Figure 8: An outbound only gateway can dial out to the cloud, but nothing from outside can reach into the plant.
This beats protocol choice every time. You could run perfect OPC UA encryption, but if you left an inbound door open so the cloud could poll your PLC, you created a way in that no encryption fixes. A simpler MQTT setup that only dials out is much harder to attack, because there is no way in to begin with.
This is not just one writer's opinion. In 2026 an industry group focused on industrial security published a joint statement making the same point, that secure communication is not decided by the protocol alone, but by how the system is deployed. So this is the mainstream view, not a fringe take.
At Zebblo we follow two simple rules for exactly this reason. Our edge connection is outbound only, so there is no inbound door. And our gateway is read only by default, so even if someone somehow got in, it can only watch the plant, never send a command. It cannot open a valve or trip a breaker. Together these let us tell a plant team a clear and honest thing: our box cannot be reached from outside, and even from inside it only reads. That is a stronger claim than arguing about which protocol has deeper encryption.
One honest limit, so the story stays straight. Outbound only stops uninvited traffic from the outside. It does not make everything perfectly safe. The data still lands in your cloud, so the cloud side and the gateway's own login still need protecting. It removes the biggest risk. It does not remove every risk.
So which one do you use?
You do not have to choose. A practical setup uses both, each where it fits.
For fast control on the local factory floor, where a machine must react in a few milliseconds, OPC UA or a fieldbus protocol is the right tool. It is built for tight, local, machine to machine work.
For pulling data from many machines across many sites into a central place for dashboards, reporting, and AI, MQTT with Sparkplug B is the better fit. It is light, it scales, and it handles weak connections well.

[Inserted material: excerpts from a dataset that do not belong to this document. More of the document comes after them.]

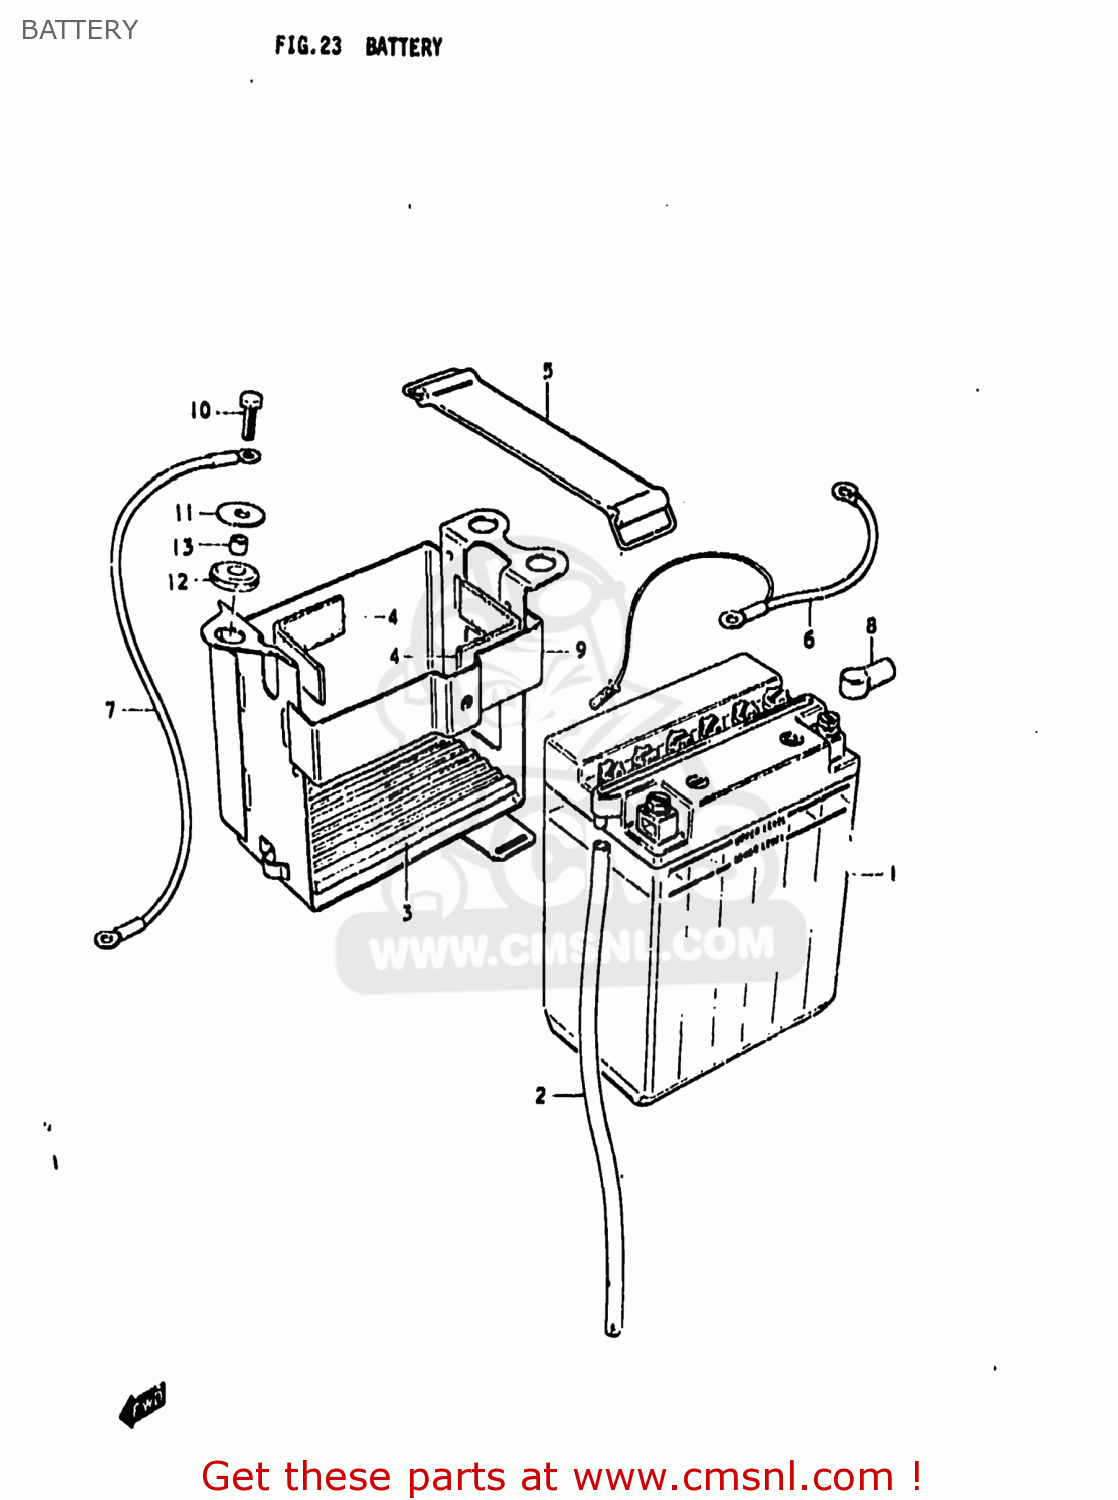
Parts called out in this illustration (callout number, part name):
1	BATTERY ASSEMBLY
2	HOSE,BATTERY EXHAUST
3	PROTECTOR,BATTERY
4	PROTECTOR,20X9
5	BAND
6	WIRE,BATTERY PLUS
7	WIRE,STARTER MOTOR LEAD
8	CAP,TERMINAL
9	HOLDER,BATTERY
10	BOLT, UPPER
11	WASHER(6,5X22X1.6)
12	CUSHION
13	SPACER(6.2X8.3X5.7)
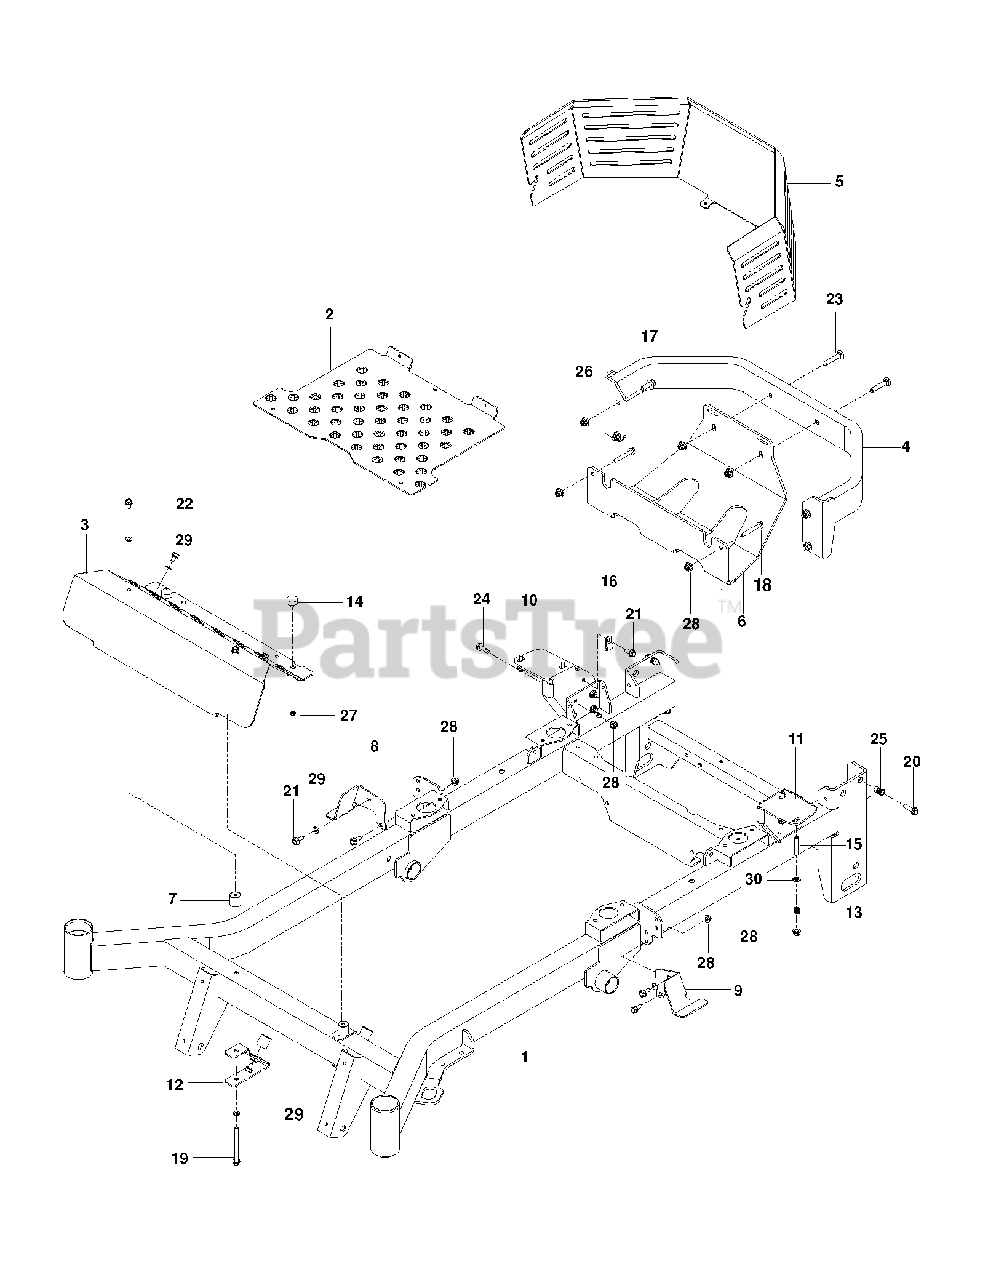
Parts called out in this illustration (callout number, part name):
1	FRAME W/DECALS, GARIZZLY SE
2	PLATE, FLOOR PAN, BLUE
3	PLATE, FOOTREST, BLUE
4	BUMPER, REAR, BLUE
5	GUARD, REAR, BLUE
7	MOUNT, F/F INSERT
10	MOUNT, TANK, RT-BLK
11	MOUNT, TANK, LT-BLK
12	BRACKET, REST MOUNT
14	BUMPER, 1/4-20 STUD, 1/4
15	STUD, 5/16C
16	DOUBLE TUBE CLAMP
17	HHFS 3/8-16 X 1 GRD 5 ZD
18	HHFS 5/16-18 X 2.25 GD 5
19	HHFS 5/16-18 X 3 3/4
20	HHFS 5/16-18 X 1.25 TPBLT GD 5
21	HHFS 5/16-18 X 3/4
22	SCR 5/16-18 X 1/2 SELFTAP ZN
23	RHSNB 3/8C X 2
26	NUT 3/8-16 HEX FLG NYLOC ZD
27	JAM NUT 1/4C
28	5/16-18 NYLOC FLANGE NUT
29	WASH 5/16 DISC SPRING ZD
30	FLAT WASHER 5/16 SAE

The common modern pattern is an edge gateway that speaks both. It reads from the machines locally using OPC UA or Modbus, adds the meaning and structure, and then publishes clean, light MQTT messages up to the cloud.
A note from the field
One last point. A lot of the popular writing on this topic is produced by protocol and platform companies, and it tends to assume a clean, modern, greenfield setup. Real sites are often messier than that. On many plant floors, including a lot of the older brownfield ones across India and elsewhere, the tidy OPC UA path is simply not there to plug into. Many plants run on SCADA systems that write to a SQL database, and the practical bridge is to read from that database, not from OPC UA directly. The register maps are messy, and the wiring on the RS485 lines causes more trouble than the protocol debate ever does. The protocol matters less than the boring reality of getting a stable, read only, outbound only connection that a plant team trusts. That trust, more than any protocol, is what gets a project from a pilot to a running system.
If you are weighing these choices for your own plant, the short version is this. Use OPC UA where you need rich, local, structured control. Use MQTT and Sparkplug B to move data out to the cloud at scale. And spend your real attention on the architecture, read only and outbound only, because that is what keeps the whole thing safe.